--- Directions for this task ---
Once you find the line that contains "#6129=DIRECTION('',(0.0,0.0,1.0));" in the entries below, give it again along with every following line, unchanged, through the final one.
[[ Supplied records open ]]
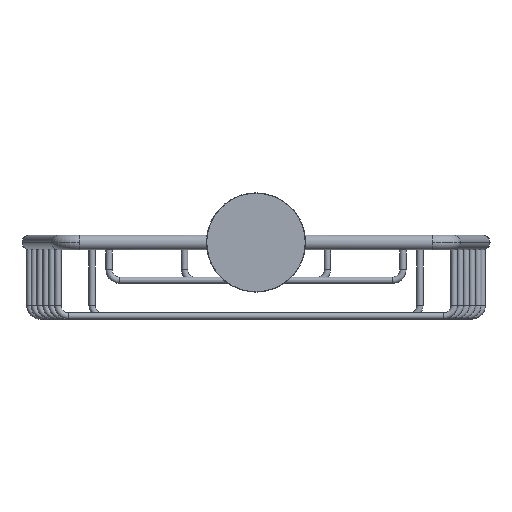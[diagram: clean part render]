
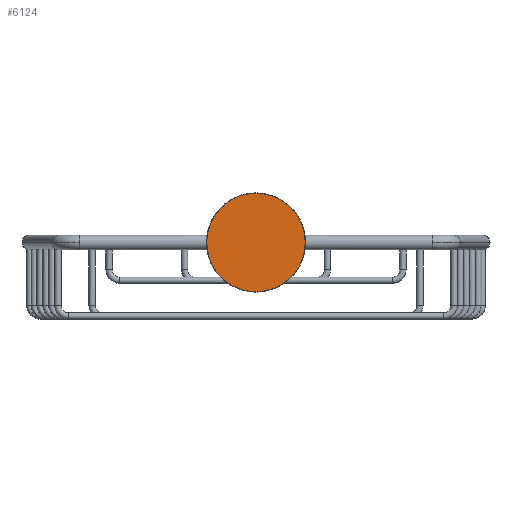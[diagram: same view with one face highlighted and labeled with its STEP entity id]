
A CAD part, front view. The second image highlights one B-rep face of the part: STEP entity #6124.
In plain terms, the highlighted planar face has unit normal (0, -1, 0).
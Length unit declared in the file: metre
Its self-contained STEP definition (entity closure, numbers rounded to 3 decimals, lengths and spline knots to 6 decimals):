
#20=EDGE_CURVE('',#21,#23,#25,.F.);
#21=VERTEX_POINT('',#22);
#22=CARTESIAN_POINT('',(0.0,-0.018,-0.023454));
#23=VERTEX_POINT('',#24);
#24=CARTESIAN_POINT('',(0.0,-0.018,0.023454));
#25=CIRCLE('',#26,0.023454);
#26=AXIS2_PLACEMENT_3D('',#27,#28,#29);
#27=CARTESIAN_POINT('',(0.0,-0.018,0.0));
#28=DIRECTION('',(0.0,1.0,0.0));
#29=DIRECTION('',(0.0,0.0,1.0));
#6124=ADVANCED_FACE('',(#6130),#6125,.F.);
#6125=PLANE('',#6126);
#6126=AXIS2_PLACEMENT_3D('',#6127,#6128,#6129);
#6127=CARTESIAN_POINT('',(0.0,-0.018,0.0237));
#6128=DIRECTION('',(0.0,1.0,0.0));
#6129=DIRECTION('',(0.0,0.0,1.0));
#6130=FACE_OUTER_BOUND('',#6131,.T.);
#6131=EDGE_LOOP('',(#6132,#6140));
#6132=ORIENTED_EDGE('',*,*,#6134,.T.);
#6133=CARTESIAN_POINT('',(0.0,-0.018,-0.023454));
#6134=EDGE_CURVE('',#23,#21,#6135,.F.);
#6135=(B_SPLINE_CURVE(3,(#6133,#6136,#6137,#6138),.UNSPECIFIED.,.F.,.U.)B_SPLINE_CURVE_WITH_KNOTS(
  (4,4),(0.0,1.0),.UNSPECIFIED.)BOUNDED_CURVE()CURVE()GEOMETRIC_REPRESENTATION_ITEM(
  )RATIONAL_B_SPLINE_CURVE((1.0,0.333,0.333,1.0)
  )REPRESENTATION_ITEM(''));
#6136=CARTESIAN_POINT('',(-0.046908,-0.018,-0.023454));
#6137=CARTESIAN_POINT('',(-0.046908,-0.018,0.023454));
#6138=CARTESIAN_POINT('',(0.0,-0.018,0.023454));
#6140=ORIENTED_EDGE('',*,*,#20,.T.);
[[ Supplied records closed ]]
--- Exercise answer ---
#6129=DIRECTION('',(0.0,0.0,1.0));
#6130=FACE_OUTER_BOUND('',#6131,.T.);
#6131=EDGE_LOOP('',(#6132,#6140));
#6132=ORIENTED_EDGE('',*,*,#6134,.T.);
#6133=CARTESIAN_POINT('',(0.0,-0.018,-0.023454));
#6134=EDGE_CURVE('',#23,#21,#6135,.F.);
#6135=(B_SPLINE_CURVE(3,(#6133,#6136,#6137,#6138),.UNSPECIFIED.,.F.,.U.)B_SPLINE_CURVE_WITH_KNOTS(
  (4,4),(0.0,1.0),.UNSPECIFIED.)BOUNDED_CURVE()CURVE()GEOMETRIC_REPRESENTATION_ITEM(
  )RATIONAL_B_SPLINE_CURVE((1.0,0.333,0.333,1.0)
  )REPRESENTATION_ITEM(''));
#6136=CARTESIAN_POINT('',(-0.046908,-0.018,-0.023454));
#6137=CARTESIAN_POINT('',(-0.046908,-0.018,0.023454));
#6138=CARTESIAN_POINT('',(0.0,-0.018,0.023454));
#6140=ORIENTED_EDGE('',*,*,#20,.T.);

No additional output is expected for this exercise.